## What you are asked to do
Search the records for "SCREEN" and copy each line that holds it.

## Material provided

▬▬▬

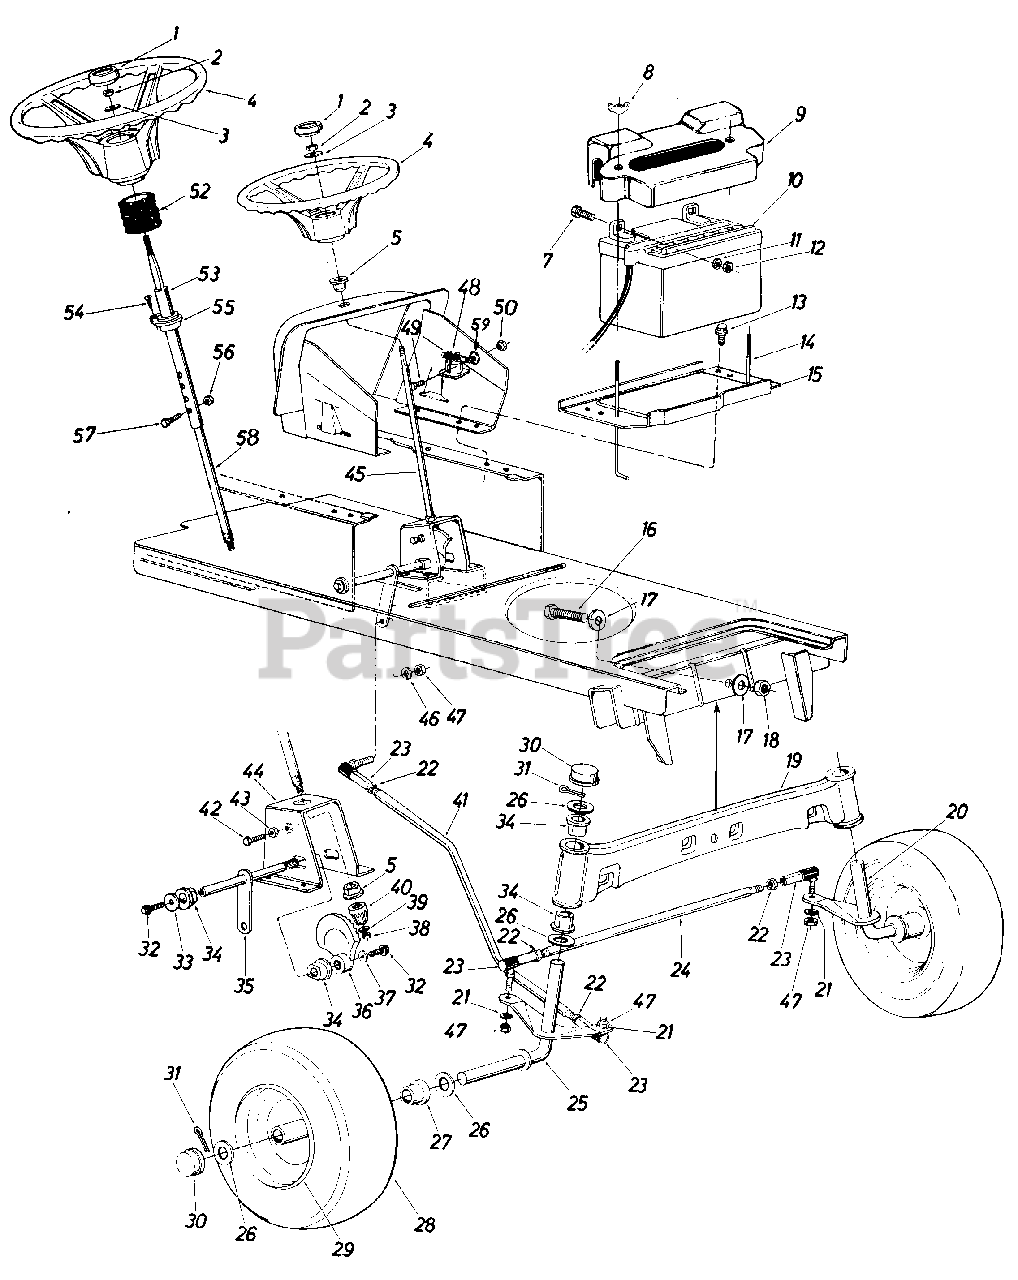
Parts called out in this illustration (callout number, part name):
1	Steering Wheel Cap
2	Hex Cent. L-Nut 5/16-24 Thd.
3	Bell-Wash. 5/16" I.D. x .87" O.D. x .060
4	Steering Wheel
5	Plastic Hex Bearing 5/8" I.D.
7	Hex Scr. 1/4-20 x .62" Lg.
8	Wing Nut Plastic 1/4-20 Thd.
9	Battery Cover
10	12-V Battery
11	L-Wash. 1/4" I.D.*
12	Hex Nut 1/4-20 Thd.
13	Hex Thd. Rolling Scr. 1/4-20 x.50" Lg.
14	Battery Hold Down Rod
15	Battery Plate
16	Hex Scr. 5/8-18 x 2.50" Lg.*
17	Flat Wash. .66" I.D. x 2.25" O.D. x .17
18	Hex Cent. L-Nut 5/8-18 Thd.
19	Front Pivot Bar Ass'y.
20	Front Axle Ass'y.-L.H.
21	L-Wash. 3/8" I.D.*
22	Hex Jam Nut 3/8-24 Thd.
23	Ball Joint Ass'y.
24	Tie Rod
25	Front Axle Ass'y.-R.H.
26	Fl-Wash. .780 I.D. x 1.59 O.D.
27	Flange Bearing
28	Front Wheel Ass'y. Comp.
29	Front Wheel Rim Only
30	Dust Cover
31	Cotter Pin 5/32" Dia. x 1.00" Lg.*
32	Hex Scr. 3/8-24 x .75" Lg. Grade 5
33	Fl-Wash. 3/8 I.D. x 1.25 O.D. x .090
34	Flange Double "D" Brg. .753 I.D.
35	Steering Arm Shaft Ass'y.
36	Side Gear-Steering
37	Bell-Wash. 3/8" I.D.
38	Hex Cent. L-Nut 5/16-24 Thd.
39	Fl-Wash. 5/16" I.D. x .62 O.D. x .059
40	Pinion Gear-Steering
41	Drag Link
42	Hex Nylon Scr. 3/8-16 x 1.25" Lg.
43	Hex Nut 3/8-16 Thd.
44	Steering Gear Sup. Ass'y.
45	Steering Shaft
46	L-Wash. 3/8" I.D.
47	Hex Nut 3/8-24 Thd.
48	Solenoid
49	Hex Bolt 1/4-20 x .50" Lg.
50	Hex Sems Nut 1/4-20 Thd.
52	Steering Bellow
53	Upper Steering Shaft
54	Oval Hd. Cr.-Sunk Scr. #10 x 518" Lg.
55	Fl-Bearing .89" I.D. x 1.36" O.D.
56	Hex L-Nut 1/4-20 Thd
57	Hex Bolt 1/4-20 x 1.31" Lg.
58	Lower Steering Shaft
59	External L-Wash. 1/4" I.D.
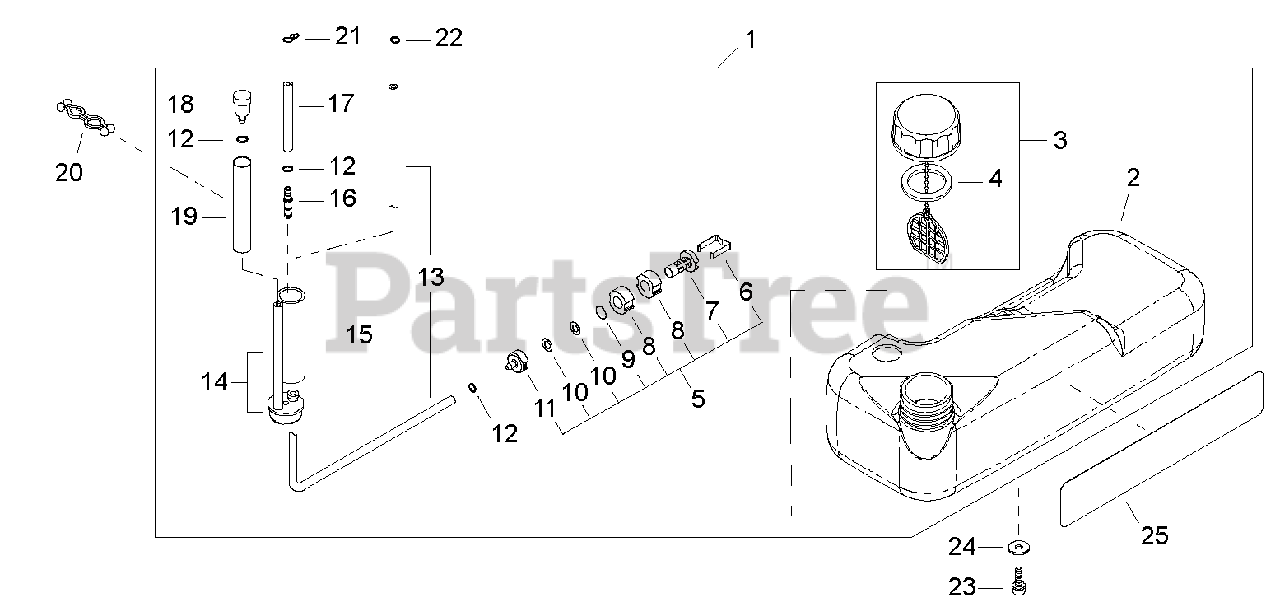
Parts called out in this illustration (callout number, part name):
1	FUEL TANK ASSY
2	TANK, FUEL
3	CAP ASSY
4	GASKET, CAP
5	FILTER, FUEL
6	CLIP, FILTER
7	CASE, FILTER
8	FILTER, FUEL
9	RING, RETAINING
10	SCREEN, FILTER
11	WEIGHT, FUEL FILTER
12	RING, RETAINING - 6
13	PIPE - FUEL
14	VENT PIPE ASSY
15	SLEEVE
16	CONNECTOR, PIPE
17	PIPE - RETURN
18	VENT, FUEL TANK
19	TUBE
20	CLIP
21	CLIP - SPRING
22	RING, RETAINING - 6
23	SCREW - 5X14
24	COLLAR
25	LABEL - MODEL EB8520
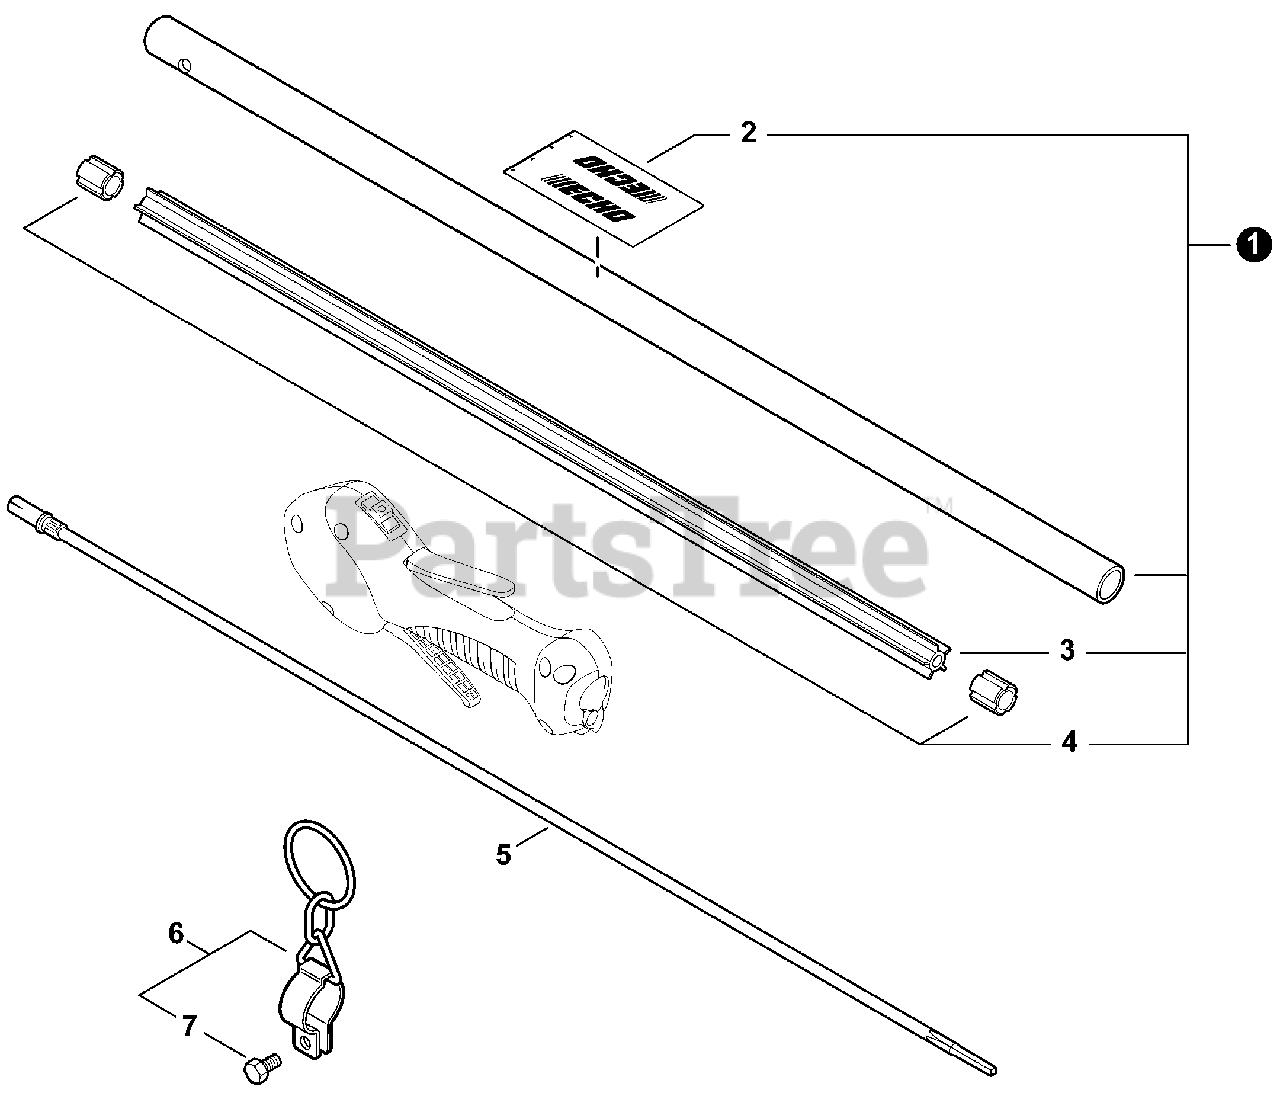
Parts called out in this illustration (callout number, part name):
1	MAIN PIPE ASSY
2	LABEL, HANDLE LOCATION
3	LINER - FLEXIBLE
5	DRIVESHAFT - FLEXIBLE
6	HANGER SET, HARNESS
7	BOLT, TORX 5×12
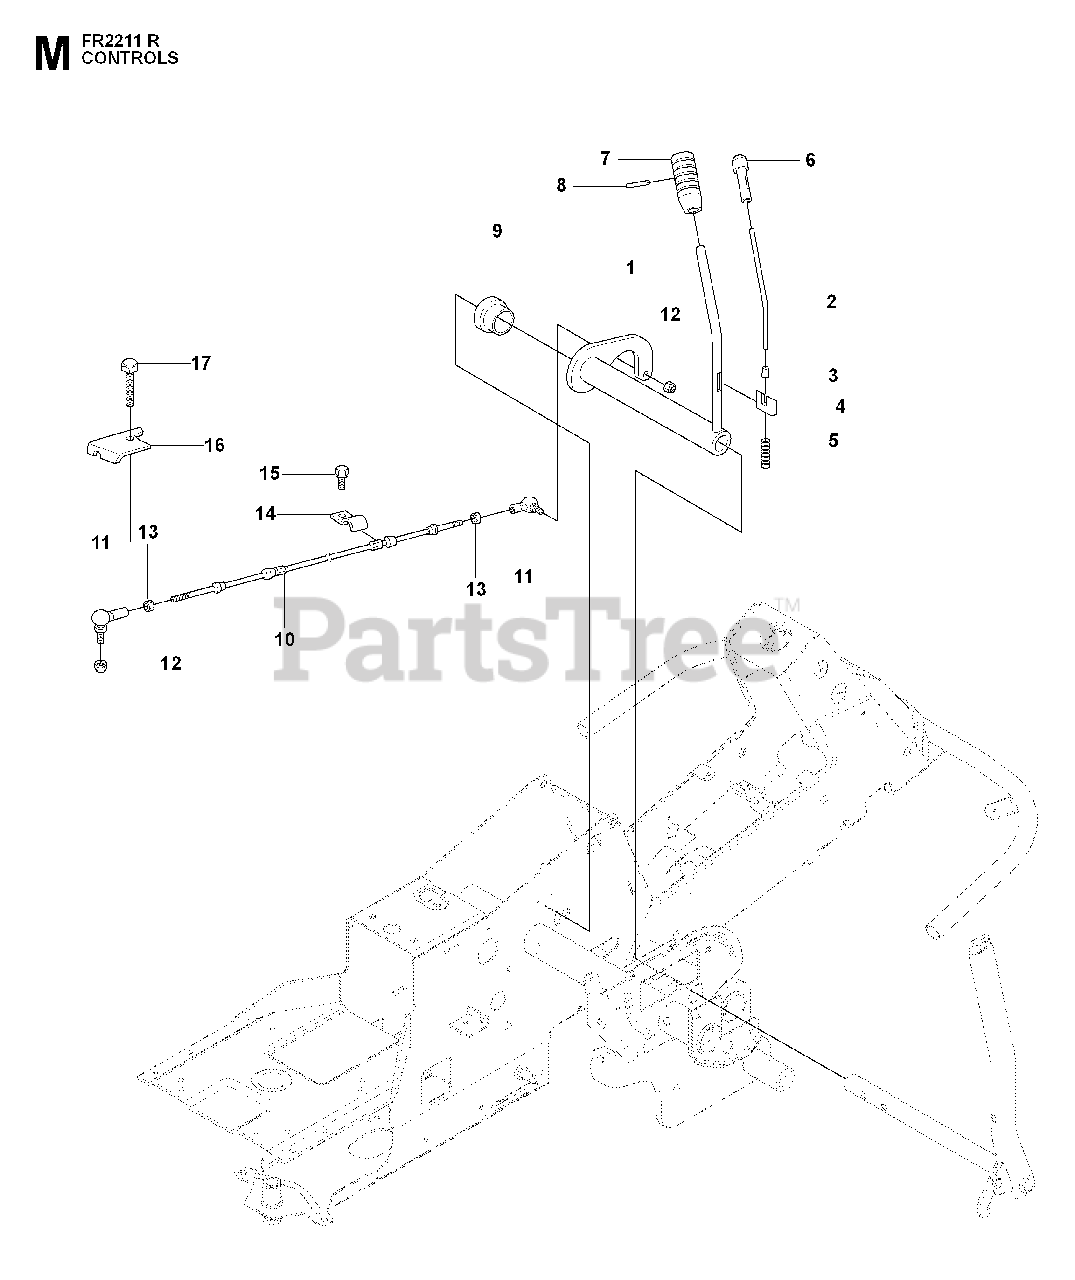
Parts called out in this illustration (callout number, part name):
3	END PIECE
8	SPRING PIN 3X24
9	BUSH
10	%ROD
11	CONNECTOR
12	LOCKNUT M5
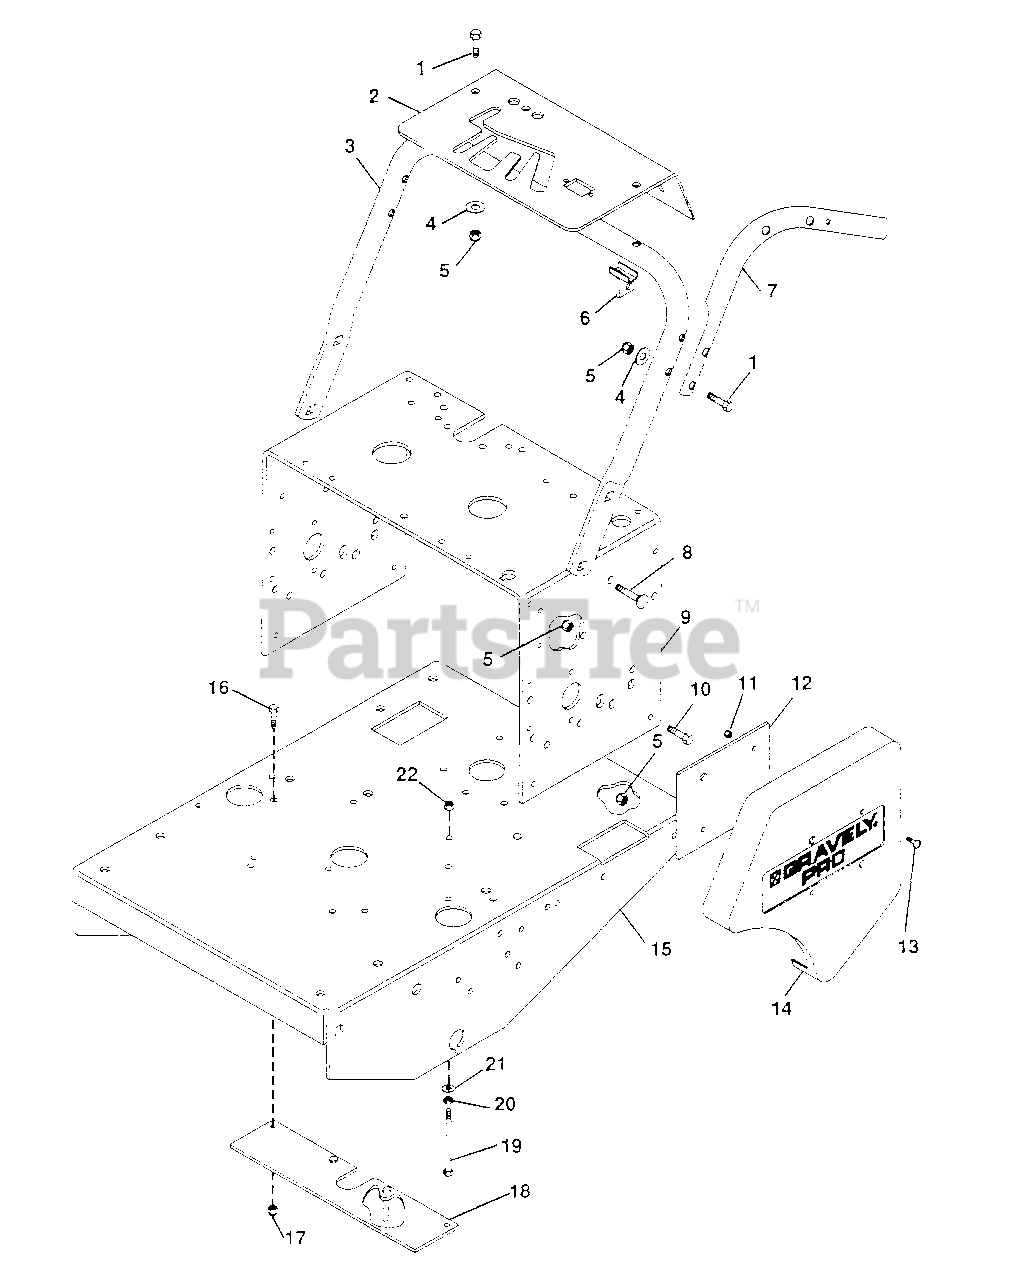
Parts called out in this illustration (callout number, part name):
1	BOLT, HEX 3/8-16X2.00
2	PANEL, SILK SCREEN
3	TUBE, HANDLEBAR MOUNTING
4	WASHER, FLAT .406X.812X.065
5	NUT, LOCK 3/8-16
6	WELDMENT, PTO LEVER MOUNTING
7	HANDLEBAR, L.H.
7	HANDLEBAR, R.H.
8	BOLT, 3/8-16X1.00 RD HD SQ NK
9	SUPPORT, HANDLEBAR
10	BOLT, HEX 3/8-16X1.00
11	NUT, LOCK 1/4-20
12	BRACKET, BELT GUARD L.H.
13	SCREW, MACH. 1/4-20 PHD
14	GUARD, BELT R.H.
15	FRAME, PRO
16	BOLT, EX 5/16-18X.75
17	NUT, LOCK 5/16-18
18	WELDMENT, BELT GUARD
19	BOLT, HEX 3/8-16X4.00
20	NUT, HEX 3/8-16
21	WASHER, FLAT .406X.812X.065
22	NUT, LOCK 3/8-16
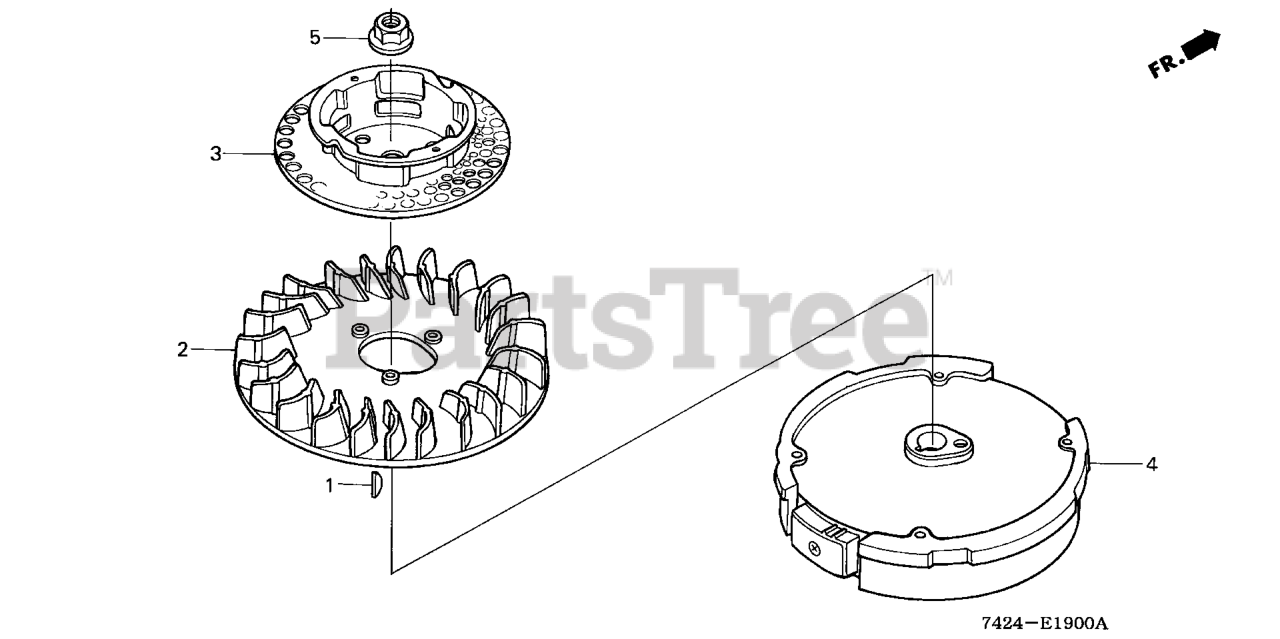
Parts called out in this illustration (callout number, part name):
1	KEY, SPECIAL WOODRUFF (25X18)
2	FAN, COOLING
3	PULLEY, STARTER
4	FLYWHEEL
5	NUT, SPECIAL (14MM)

▬▬▬

## Result of this task
10	SCREEN, FILTER
2	PANEL, SILK SCREEN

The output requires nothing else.